FRECCIAROSSA ROMA-MILANO

By carlo napoli
Pubblicato il 12 Luglio 2020

Teresa piange. Dolcemente, sommessamente, ma piange. Ha quasi sessant’anni, magrissima, uno scricciolo di donna tutta nervi, coi capelli tinti che lasciano vedere una ciocca di bianco, però un viso luminoso turbato solo dal luccichio delle lacrime. L’ho conosciuta sul treno Roma-Milano. Abbiamo condiviso tre ore di Freccia-rossa con due sedili posti di fronte. Come capita in tutti i viaggi in cui si è obbligati dalla vicinanza a scambiare quattro chiacchiere, anche noi abbiamo cominciato in sordina ( “va per lavoro?”, “che nebbia oggi sulla campagna”, “questo treno non è più quello d’un tempo”) per finire col problema dei figli. Teresa mi ha parlato dei suoi ma c’era nel suo racconto un velo di amarezza. Di figli ne ha due, uno di 23 anni che si sta per laureare e di cui è fiera, e un altro di 26 che non solo non ha preso uno straccio di diploma ma vive di lavoretti occasionali, senza sguardo al futuro. Questa è la pena di Teresa. A nulla sono valsi i rimproveri, le punizioni, la confidenza, gli incoraggiamenti. Non hanno sortito effetto e sono scivolati via tra indifferenza e pigrizia. E dolorosamente dice: “Cosa abbiamo sbagliato?”.

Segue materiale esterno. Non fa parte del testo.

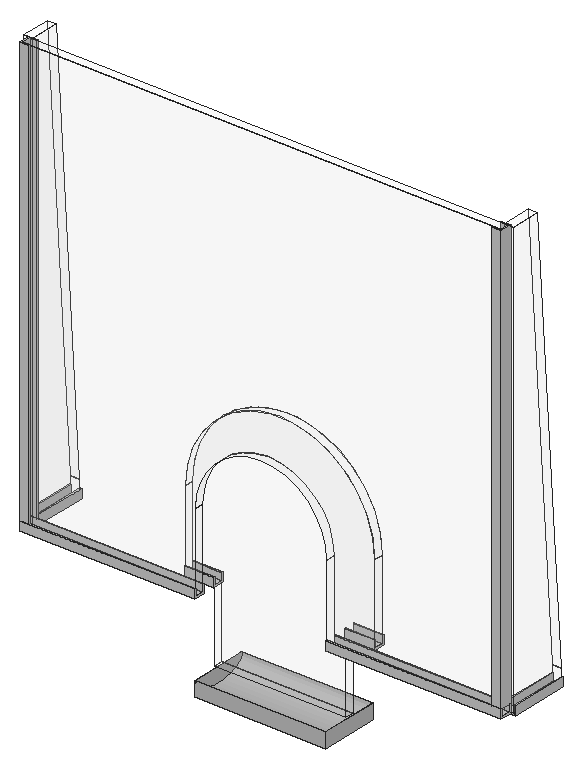
Revit family "Barrier-System_TotSecSol_Arch-Window", category Generic Models, host Face, Revit 2026
Family settings
  Host = Face
  Can host rebar = No
  Round Connector Dimension = Use Diameter
  Part Type = Normal
  Classification Number = 23.40.70.27
  Cut with Voids When Loaded = No
  Maintain Annotation Orientation = No
  Shared = No
  Room Calculation Point = No
Parameters (values of type "Level III Configuration as Specified")
  recessvoidwh [instance] = if(Tray_Surface Mount, 0' 0 1/32", Unit Width / 2)  # 0' - 0 1/32"
  recessvoidd [instance] = if(Tray_Surface Mount, 0' 0 1/32", 0' 8")  # 0' - 0 1/32"
  recessvoidcut [instance] = if(Tray_Surface Mount, -0' 0 1/32", -0' 1 1/2")  # -0' - 0 1/32"
  Warranty Duration (Years) = 0
  Unit Width [instance] = 1' - 6"
  Unit Height [instance] = 5' - 0"
  URL = "http://www.tssbulletproof.com/"
  Tray_Surface Mount [instance] = yes
  Tray_Recessed [instance] = not(Tray_Surface Mount)  # no
  Tray Height [instance] = if(Tray_Surface Mount, 0' 2", 0' 1 1/2")  # 0' - 2"
  Tray Finish [instance] = Metal - S.Steel - Satin
  Test Data = ""
  Standards Conformance = "as Specified"
  Specification = "http://www.arcat.com/sdspecs/htm04/13_21_68tss.htm"
  SpecWizard = "http://www.arcat.com/specwizard/13070tss/index04.htm"
  Side B Wall Channel [instance] = yes
  Side B Extension Width [instance] = 2' - 0"
  Side B Buttress [instance] = yes
  Side A Wall Channel [instance] = yes
  Side A Extension Width [instance] = 2' - 0"
  Side A Buttress [instance] = yes
  Send Message = ""
  Sales Information = "http://security.tssbulletproof.com/contact-total-security-solutions"
  Revision = "R1_2017-04"
  Recess Tray Into Counter [instance] = if(Tray_Surface Mount, 0' 0", 0' 1 1/2")  # 0' - 0"
  Raised Counter Height [instance] = 1' - 0"
  Product Properties = "http://www.tssbulletproof.com/bullet-proof-security-products/bullet-resistant-barriers/"
  Product Data = "http://www.arcat.com/arcatcos/cos43/arc43676.html"
  Model = "Level 3 Arch Window System as Specified"
  Manufacturer Website = "http://www.tssbulletproof.com/"
  Manufacturer Phone - Toll Free = ""
  Manufacturer Phone = "517-223-7807"
  Manufacturer Fax = "517-223-0805"
  Manufacturer Address = "170 National Park Dr.  Fowlerville, MI 48836"
  Manufacturer = "Total Security Solutions"
  Maintenance Schedule (Months) = 0
  Keynote = "13 21 68"
  Installation-Fabrication = ""
  Installation Phase = ""
  Green Building-LEED = "http://www.arcat.com/green/clients/leed_data_43676.html"
  Glazing Type [instance] = "as Specified"
  Glazing Tint [instance] = Glazing - Clear
  Glazing Thickness [instance] = 0' - 1 1/4"
  Frame Finish [instance] = Metal - Aluminum - Clear Satin Anodized
  Expected Lifespan (Years) = 0
  Drawn By = "Sumex Design, Inc. / Robert S. Weygant, CSI, CDT, SCIP"
  Description = "Total Security Solutions Level III Bullet Resistant Barrier System - Arch Window System as Specified"
  Default Elevation = 0' - 0"  # constant formula
  Copyright = "©Arcat Inc."
  Construction Details = "http://www.arcat.com/details/protecti/protecti.html?coid=43676"
  Building Codes = ""
  Assembly Code = "E1010200"
Types (3): name | Model | Description
  Level III Configuration as Specified | "Level 3 Arch Window System as Specified" | "Total Security Solutions Level III Bullet Resistant Barrier System - Arch Window System as Specified"
  Level II Configuration as Specified | "Level 2 Arch Window System as Specified" | "Total Security Solutions Level II Bullet Resistant Barrier System - Arch Window System as Specified"
  Level I Configuration as Specified | "Level 1 Arch Window System as Specified" | "Total Security Solutions Level I Bullet Resistant Barrier System - Arch Window System as Specified"
Reference planes (in)
  plane 1 "Center (Front/Back)": y = 0
  plane 2: z = 0
  plane 3 "Center (Left/Right)": x = 0
  plane 4: x = -9
  plane 5: x = 9
  plane 6: z = 12
  plane 7: x = -33
  plane 8: x = 33
  plane 9: y = 0.15625
  plane 10: y = 1.40625
  plane 11: y = 1.5625
  plane 12: x = 33
  plane 13: x = -33
  plane 14: x = -13
  plane 15: x = 13
  plane 16: y = 3.25
  plane 17: y = 3.40625
  plane 18: y = 4.65625
  plane 19: y = 4.8125
  plane 20: y = 9.5625
  plane 21: x = -33.625
  plane 22: x = -32.375
  plane 23: x = -32.21875
  plane 24: x = -33.78125
  plane 25: x = 33.625
  plane 26: x = 32.375
  plane 27: x = 32.21875
  plane 28: x = 33.78125
  plane 29: z = 72
  plane 30: z = 2
  plane 31: z = 0
  plane 32: x = -8.9375
  plane 33: x = 8.9375
Forms (in)
  Sweep 1, solid, material "Metal - Aluminum - Clear Satin Anodized" <- "Frame Finish"
    path origin (-15.17702, -180, 12) x (-1, 0, 0) y (0, -1, 0)
      loop
        line (-24.17702, -180) -> (-48.17702, -180)
    profile origin (21, 0, 12) x (0, 1, 0) y (0, 0, 1)
      loop
        line (0, 0) -> (1.5625, 0) -> (1.5625, 1.25) -> (1.40625, 1.25) -> (1.40625, 0.25) -> (0.15625, 0.25) -> (0.15625, 1.25) -> (0, 1.25) -> (0, 0)
  Sweep 2, solid, material "Metal - Aluminum - Clear Satin Anodized" <- "Frame Finish"
    path origin (15.17702, -180, 12) x (1, 0, 0) y (0, 1, 0)
      loop
        line (-24.17702, 180) -> (-48.17702, 180)
    profile origin (-21, 0, 12) x (0, -1, 0) y (0, 0, 1)
      loop
        line (0, 0) -> (0, 1.25) -> (-0.15625, 1.25) -> (-0.15625, 0.25) -> (-1.40625, 0.25) -> (-1.40625, 1.25) -> (-1.5625, 1.25) -> (-1.5625, 0) -> (0, 0)
  Sweep 3, solid, material "Metal - Aluminum - Clear Satin Anodized" <- "Frame Finish"
    path origin (15.17702, -176.75, 12) x (1, 0, 0) y (0, 1, 0)
      loop
        line (-24.17702, 180) -> (-28.17702, 180)
    profile origin (-11, 3.25, 12) x (0, -1, 0) y (0, 0, 1)
      loop
        line (0, 0) -> (0, 1.25) -> (-0.15625, 1.25) -> (-0.15625, 0.25) -> (-1.40625, 0.25) -> (-1.40625, 1.25) -> (-1.5625, 1.25) -> (-1.5625, 0) -> (0, 0)
  Sweep 4, solid, material "Metal - Aluminum - Clear Satin Anodized" <- "Frame Finish"
    path origin (-15.17702, -176.75, 12) x (-1, 0, 0) y (0, -1, 0)
      loop
        line (-24.17702, -180) -> (-28.17702, -180)
    profile origin (11, 3.25, 12) x (0, 1, 0) y (0, 0, 1)
      loop
        line (0, 0) -> (1.5625, 0) -> (1.5625, 1.25) -> (1.40625, 1.25) -> (1.40625, 0.25) -> (0.15625, 0.25) -> (0.15625, 1.25) -> (0, 1.25) -> (0, 0)
  Sweep 5, solid, material "Metal - Aluminum - Clear Satin Anodized" <- "Frame Finish", visible <- "Side A Buttress"
    path origin (-196.28125, -20.14577, 12) x (0, -1, 0) y (1, 0, 0)
      loop
        line (-21.70827, 163.28125) -> (-29.70827, 163.28125)
    profile origin (-33, 5.5625, 12) x (-1, 0, 0) y (0, 0, 1)
      loop
        line (0.78125, 0) -> (0.78125, 1.25) -> (0.625, 1.25) -> (0.625, 0.25) -> (-0.625, 0.25) -> (-0.625, 1.25) -> (-0.78125, 1.25) -> (-0.78125, 0) -> (0.78125, 0)
  Sweep 6, solid, material "Metal - Aluminum - Clear Satin Anodized" <- "Frame Finish", visible <- "Side B Buttress"
    path origin (196.28125, -20.14577, 12) x (0, -1, 0) y (1, 0, 0)
      loop
        line (-21.70827, -163.28125) -> (-29.70827, -163.28125)
    profile origin (33, 5.5625, 12) x (-1, 0, 0) y (0, 0, 1)
      loop
        line (-0.78125, 0) -> (0.78125, 0) -> (0.78125, 1.25) -> (0.625, 1.25) -> (0.625, 0.25) -> (-0.625, 0.25) -> (-0.625, 1.25) -> (-0.78125, 1.25) -> (-0.78125, 0)
  Extrusion 7, solid, material "Glazing - Clear" <- "Glazing Tint"
    sketch origin (10.5, 1.40625, 48) x (1, 0, 0) y (0, 0, 1)
      loop
        line (-19.5, -35.75) -> (-19.5, -25)
        arc (-19.5, -25) -> (-10.5, -16) -> (-1.5, -25) r 9
        line (-1.5, -25) -> (-1.5, -35.75) -> (22.5, -35.75) -> (22.5, 24) -> (-43.5, 24) -> (-43.5, -35.75) -> (-19.5, -35.75)
    from 0 to 1.25
  Extrusion 8, solid, material "Metal - S.Steel - Satin" <- "Tray Finish"
    sketch origin (0, 0, 0) x (1, 0, 0) y (0, 0, 1)
      loop
        line (-9, 0) -> (9, 0) -> (9, 2) -> (-9, 2) -> (-9, 0)
    from 0 to -8
  Extrusion 9, void
    sketch origin (0, 0, 0) x (0, 1, 0) y (0, 0, 1)
      loop
        spline (0, 2) -> (0.1363, 1.50118) -> (0.5359, 1.03636) -> (1.17157, 0.6372) -> (2, 0.33092) -> (2.96472, 0.13838) -> (4, 0.07271) -> (5.03528, 0.13838) -> (6, 0.33092) -> (6.82843, 0.6372) -> (7.4641, 1.03636) -> (7.8637, 1.50118) -> (8, 2)
        line (8, 2) -> (0, 2)
    from -8.9375 to 8.9375
  Extrusion 10, void
    sketch origin (0, 0, 0) x (1, 0, 0) y (0, 1, 0)
      loop
        line (-0.03125, 0) -> (0.03125, 0) -> (0.03125, 0.03125) -> (-0.03125, 0.03125) -> (-0.03125, 0)
    from 0 to -0.03125 <- "recessvoidcut"
  Extrusion 11, solid, material "Glazing - Clear" <- "Glazing Tint"
    sketch origin (-19.43145, 3.40625, 48) x (-1, 0, 0) y (0, 0, 1)
      loop
        line (-6.43145, -35.75) -> (-6.43145, -25)
        arc (-6.43145, -25) -> (-19.43145, -12) -> (-32.43145, -25) r 13
        line (-32.43145, -25) -> (-32.43145, -35.75) -> (-28.43145, -35.75) -> (-28.43145, -33.75) -> (-10.43145, -33.75) -> (-10.43145, -35.75) -> (-6.43145, -35.75)
    from 0 to 1.25
  Extrusion 12, solid, material "Glazing - Clear" <- "Glazing Tint"
    sketch origin (-19.43145, 3.40625, 48) x (-1, 0, 0) y (0, 0, 1)
      loop
        line (-10.43145, -45.75) -> (-10.43145, -32) -> (-28.43145, -32) -> (-28.43145, -45.75) -> (-10.43145, -45.75)
    from 0 to 1.25
  Sweep 13, solid, material "Metal - Aluminum - Clear Satin Anodized" <- "Frame Finish", visible <- "Side B Wall Channel"
    path origin (0, 0, 0) x (1, 0, 0) y (0, 0, 1)
      loop
        line (33, 13.25) -> (33, 72)
    profile origin (33, 0, 42.625) x (-1, 0, 0) y (0, -1, 0)
      loop
        line (0, 0) -> (0, -1.5625) -> (1.25, -1.5625) -> (1.25, -1.40625) -> (0.25, -1.40625) -> (0.25, -0.15625) -> (1.25, -0.15625) -> (1.25, 0) -> (0, 0)
  Sweep 14, solid, material "Metal - Aluminum - Clear Satin Anodized" <- "Frame Finish", visible <- "Side A Wall Channel"
    path origin (0, 0, 0) x (-1, 0, 0) y (0, 0, 1)
      loop
        line (33, 13.25) -> (33, 72)
    profile origin (-33, 0, 42.625) x (-1, 0, 0) y (0, -1, 0)
      loop
        line (0, 0) -> (-1.25, 0) -> (-1.25, -0.15625) -> (-0.25, -0.15625) -> (-0.25, -1.40625) -> (-1.25, -1.40625) -> (-1.25, -1.5625) -> (0, -1.5625) -> (0, 0)
  Extrusion 15, solid, material "Glazing - Clear" <- "Glazing Tint"
    sketch origin (33, 10, 48) x (0, 1, 0) y (0, 0, 1)
      loop
        line (-8.59375, -35.75) -> (-0.4375, -35.75) -> (-0.4375, -33.75) -> (-4.4375, 24) -> (-8.59375, 24) -> (-8.59375, -35.75)
    from -0.625 to 0.625
  Extrusion 16, solid, material "Glazing - Clear" <- "Glazing Tint"
    sketch origin (-33, 10, 48) x (0, 1, 0) y (0, 0, -1)
      loop
        line (-8.59375, 35.75) -> (-8.59375, -24) -> (-4.4375, -24) -> (-0.4375, 33.75) -> (-0.4375, 35.75) -> (-8.59375, 35.75)
    from -0.625 to 0.625
Cuts and joins
  Extrusion 9 cuts Extrusion 8
  joined: Extrusion 11, Extrusion 12
Dimensions and locks (in)
  "Raised Counter Height": plane 6 to level
  equal spacing: plane 4, plane 3 "Center (Left/Right)", plane 5
  "Unit Width": plane 4 to plane 5
  "Side B Extension Width": plane 5 to plane 12
  "Side A Extension Width": plane 13 to plane 4
  locked: plane 1 "Center (Front/Back)" to plane 9 at 0.15625
  locked: plane 10 to plane 11 at 0.15625
  "Glazing Thickness": plane 9 to plane 10
  locked: Sweep 1 sketch curve to plane 6 at 1.25  (x2)
  locked: Sweep 1 sketch curve to plane 6 at 0.25
  locked: Sweep 2 sketch curve to plane 6 at 1.25  (x2)
  locked: Sweep 2 sketch curve to plane 6 at 0.25
  locked: plane 14 to plane 4 at 4
  locked: plane 5 to plane 15 at 4
  locked: plane 11 to plane 16 at 1.6875
  locked: plane 16 to plane 17 at 0.15625
  locked: plane 18 to plane 19 at 0.15625
  "Glazing Thickness": plane 18 to plane 17
  plane 11 to plane 20 = 0' - 8"
  locked: Sweep 3 sketch curve to plane 6 at 0.25
  locked: Sweep 3 sketch curve to plane 6 at 1.25  (x2)
  locked: Sweep 4 sketch curve to plane 6 at 1.25  (x2)
  locked: Sweep 4 sketch curve to plane 6 at 0.25
  locked: Sweep 5 sketch curve to plane 6 at 1.25  (x2)
  locked: Sweep 5 sketch curve to plane 6 at 0.25
  equal spacing: plane 21, plane 7, plane 22
  "Glazing Thickness": plane 21 to plane 22
  locked: plane 24 to plane 21 at 0.15625
  locked: plane 22 to plane 23 at 0.15625
  equal spacing: plane 25, plane 8, plane 26
  "Glazing Thickness": plane 25 to plane 26
  locked: plane 26 to plane 27 at 0.15625
  locked: plane 28 to plane 25 at 0.15625
  locked: Sweep 6 sketch curve to plane 6 at 0.25
  locked: Sweep 6 sketch curve to plane 6 at 1.25  (x2)
  "Unit Height": plane 29 to plane 6
  locked: Extrusion 7 sketch curve to plane 6 at 0.25  (x2)
  "Recess Tray Into Counter": level to plane 31
  "Tray Height": plane 30 to plane 31
  locked: plane 4 to plane 32 at 0.0625
  locked: plane 33 to plane 5 at 0.0625
  "recessvoidwh": Extrusion 10 sketch curve to plane 3 "Center (Left/Right)"
  "recessvoidwh": plane 3 "Center (Left/Right)" to Extrusion 10 sketch curve
  "recessvoidd": plane 1 "Center (Front/Back)" to Extrusion 10 sketch curve
  "Tray Height": plane 30 to Extrusion 8 sketch curve
  locked: Extrusion 9 sketch curve to plane 31 at 0.07271
  locked: Extrusion 11 sketch curve to plane 6 at 2.25
  locked: Extrusion 11 sketch curve to plane 6 at 0.25  (x2)
  locked: Extrusion 12 sketch curve to plane 30 at 0.25
  locked: Extrusion 12 sketch curve to plane 6 at 4
  locked: Sweep 13 sketch curve to plane 6 at 1.25
  locked: Sweep 13 sketch curve to plane 12 at 0.25
  locked: Sweep 13 sketch curve to plane 12 at 1.25  (x2)
  locked: Sweep 14 sketch curve to plane 6 at 1.25
  locked: plane 13 to Sweep 14 sketch curve at 1.25  (x2)
  locked: plane 13 to Sweep 14 sketch curve at 0.25
  locked: plane 1 "Center (Front/Back)" to Extrusion 9 sketch curve at 8
  locked: Extrusion 7 sketch curve to level at 32
  locked: Extrusion 11 sketch curve to level at 36
  locked: plane 11 to Extrusion 15 sketch curve at 4
  locked: Extrusion 15 sketch curve to plane 6 at 2.25
  locked: Extrusion 15 sketch curve to plane 6 at 0.25
  locked: plane 11 to Extrusion 16 sketch curve at 4
  locked: Extrusion 16 sketch curve to plane 6 at 0.25
  locked: Extrusion 16 sketch curve to plane 6 at 2.25
  aligned and locked: plane 2 to host face
  aligned and locked: level to host face
  aligned and locked: plane 12 to Sweep 1 sketch curve
  aligned and locked: plane 5 to Sweep 1 sketch curve
  aligned and locked: plane 1 "Center (Front/Back)" to Sweep 1 sketch curve
  aligned and locked: plane 10 to Sweep 1 sketch curve
  aligned and locked: Sweep 1 sketch curve to plane 9
  aligned and locked: Sweep 1 sketch curve to plane 6
  aligned and locked: plane 13 to Sweep 2 sketch curve
  aligned and locked: plane 4 to Sweep 2 sketch curve
  aligned and locked: Sweep 2 sketch curve to plane 1 "Center (Front/Back)"  (x2)
  aligned and locked: Sweep 2 sketch curve to plane 6
  aligned and locked: plane 10 to Sweep 2 sketch curve
  aligned and locked: Sweep 2 sketch curve to plane 11
  aligned and locked: Sweep 2 sketch curve to plane 9
  aligned and locked: Sweep 1 sketch curve to plane 1 "Center (Front/Back)"
  aligned and locked: Sweep 1 sketch curve to plane 11
  aligned and locked: plane 14 to Sweep 3 sketch curve
  aligned and locked: plane 4 to Sweep 3 sketch curve
  aligned and locked: plane 16 to Sweep 3 sketch curve  (x2)
  aligned and locked: Sweep 3 sketch curve to plane 6
  aligned and locked: plane 19 to Sweep 3 sketch curve
  aligned and locked: Sweep 3 sketch curve to plane 18
  aligned and locked: plane 17 to Sweep 3 sketch curve
  aligned and locked: plane 5 to Sweep 4 sketch curve
  aligned and locked: plane 15 to Sweep 4 sketch curve
  aligned and locked: Sweep 4 sketch curve to plane 16
  aligned and locked: plane 19 to Sweep 4 sketch curve
  aligned and locked: Sweep 4 sketch curve to plane 18
  aligned and locked: plane 17 to Sweep 4 sketch curve
  aligned and locked: plane 16 to Sweep 4 sketch curve
  aligned and locked: Sweep 4 sketch curve to plane 6
  aligned and locked: plane 20 to Sweep 5 sketch curve
  aligned and locked: plane 7 to Sweep 5 sketch curve
  aligned and locked: plane 11 to Sweep 5 sketch curve
  aligned and locked: Sweep 5 sketch curve to plane 24
  aligned and locked: Sweep 5 sketch curve to plane 21
  aligned and locked: plane 22 to Sweep 5 sketch curve
  aligned and locked: Sweep 5 sketch curve to plane 23
  aligned and locked: Sweep 5 sketch curve to plane 6
  aligned and locked: plane 8 to Sweep 6 sketch curve
  aligned and locked: Sweep 6 sketch curve to plane 20
  aligned and locked: plane 11 to Sweep 6 sketch curve
  aligned and locked: plane 28 to Sweep 6 sketch curve
  aligned and locked: plane 25 to Sweep 6 sketch curve
  aligned and locked: Sweep 6 sketch curve to plane 26
  aligned and locked: plane 27 to Sweep 6 sketch curve
  aligned and locked: Sweep 6 sketch curve to plane 6
  aligned and locked: plane 4 to Extrusion 7 sketch curve
  aligned and locked: Extrusion 7 sketch curve to plane 13
  aligned and locked: plane 29 to Extrusion 7 sketch curve
  aligned and locked: plane 9 to Extrusion 7
  aligned and locked: plane 4 to Extrusion 8 sketch curve
  aligned and locked: Extrusion 8 sketch curve to plane 5
  aligned and locked: Extrusion 8 sketch curve to plane 30
  aligned and locked: plane 30 to Extrusion 9 sketch curve
  aligned and locked: Extrusion 9 to plane 32
  aligned and locked: plane 33 to Extrusion 9
  aligned and locked: Extrusion 11 sketch curve to plane 15
  aligned and locked: plane 14 to Extrusion 11 sketch curve
  aligned and locked: Extrusion 11 sketch curve to plane 4
  aligned and locked: plane 5 to Extrusion 11 sketch curve
  aligned and locked: plane 18 to Extrusion 11
  aligned and locked: plane 4 to Extrusion 12 sketch curve
  aligned and locked: plane 5 to Extrusion 12 sketch curve
  aligned and locked: plane 18 to Extrusion 12
  aligned and locked: plane 12 to Sweep 13 sketch curve
  aligned and locked: plane 29 to Sweep 13 sketch curve
  aligned and locked: Sweep 13 sketch curve to plane 12
  aligned and locked: Sweep 13 sketch curve to plane 1 "Center (Front/Back)"
  aligned and locked: plane 9 to Sweep 13 sketch curve
  aligned and locked: plane 11 to Sweep 13 sketch curve
  aligned and locked: Sweep 13 sketch curve to plane 10
  aligned and locked: plane 13 to Sweep 14 sketch curve
  aligned and locked: plane 29 to Sweep 14 sketch curve
  aligned and locked: Sweep 14 sketch curve to plane 11
  aligned and locked: plane 10 to Sweep 14 sketch curve
  aligned and locked: Sweep 14 sketch curve to plane 9
  aligned and locked: plane 1 "Center (Front/Back)" to Sweep 14 sketch curve
  aligned and locked: Sweep 14 sketch curve to plane 13
  aligned and locked: plane 13 to plane 7
  aligned and locked: plane 12 to plane 8
  aligned and locked: plane 1 "Center (Front/Back)" to Extrusion 9 sketch curve
  aligned and locked: plane 5 to Extrusion 7 sketch curve
  aligned and locked: Extrusion 7 sketch curve to plane 12
  aligned and locked: Extrusion 15 sketch curve to plane 10
  aligned and locked: Extrusion 15 to plane 26
  aligned and locked: plane 25 to Extrusion 15
  aligned and locked: Extrusion 16 sketch curve to plane 10
  aligned and locked: Extrusion 16 sketch curve to plane 29
  aligned and locked: Extrusion 15 sketch curve to plane 29
  aligned and locked: Extrusion 16 to plane 22
  aligned and locked: Extrusion 16 to plane 21
Automatic sketch dimensions
  host sketch curve to host sketch curve = 6' - 6"
  host sketch curve to host sketch curve = 2' - 2.14057"
  plane 1 "Center (Front/Back)" to Extrusion 10 sketch curve = 0' - 0"
  Extrusion 15 sketch curve to plane 20 = 0' - 0"
  Extrusion 16 sketch curve to plane 20 = 0' - 0"

È una frase che ho sentito spesso da qualche genitore, tutti che si accusano di colpe inesistenti mentre in testa si affacciano dubbi che diventano anche tormenti: se allora avessi detto, se allora avessi fatto, se avessi taciuto, se avessi usato le maniere forti, se mi fossi comportato diversamente coi figli, se fossi stato meno duro, se fossi stato più tenero…

Non esistono – dico a Teresa – scuole per genitori, non esistono università dove si impara come educare i figli, siamo tutti autodidatti, andiamo avanti con quel poco di esperienza che abbiamo o imitando i nostri padri e le nostre madri o facendo esattamente il contrario di quello che facevano loro. Non ci sono altre strade e non esistono garanzie di successo. Come da genitori bellissimi possono uscire figli bruttissimi cosi da famiglie integerrime può nascere un figlio bacato. Ho conosciuto famiglie che dicevano le preghiere a pranzo e cena e che a maggio dicevano tutte le sere il rosario coi figli, e si sono ritrovati con una figlia incinta fuori del matrimonio.

Lo dico a Teresa che mi guarda incredula e si ribella alla mia diagnosi. Vuole solo sentirsi colpevole, convinta che sia stato commesso un qualche errore di manovra nel corso degli anni, e vorrebbe rintracciare quel momento o quei giorni o quei mesi in cui si è perso il controllo della situazione. Forse un errore di psicologia, forse non aver compreso i segnali di pericolo. E gli interrogativi laceranti che turbano il sonno, se fossi stata una madre più dura, se fossi stata capace di entrare nel segreto dei figli, capirli meglio, percepire le inquietudini dell’adolescenza, essere in sintonia coi loro pensieri. Ma questi “se” sono le pietre di cui è lastricata la vita. Comunque si giri il problema, non ci sono soluzioni facili. E bisogna onestamente riconoscere che si può anche fallire come educatori, senza colpa.

Penso, e lo dico a Teresa, che il mondo dei figli è come una pozza d’acqua melmosa di cui non vedi il fondo. Ognuno di noi porta dentro di sé i germi di lontane eredità genetiche, siamo un impasto di sogni, di amicizie, di desideri, di affetti, di amori che formano il sostrato della nostra coscienza.

Forse il destino di molti di noi è di essere solo dei seminatori che non sanno se e quando il grano germoglierà. L’uomo resta un mistero, nel bene e nel male. Per quanto amoroso sia stato un padre, sopravvive un margine di imprevedibilità. Come diceva Alexis Carrell, il medico che si convertì a Lourdes, l’uomo è “uno sconosciuto”. Lo dico frettolosamente a Teresa, a mo’ di commiato, mentre il treno frena alla stazione di Milano.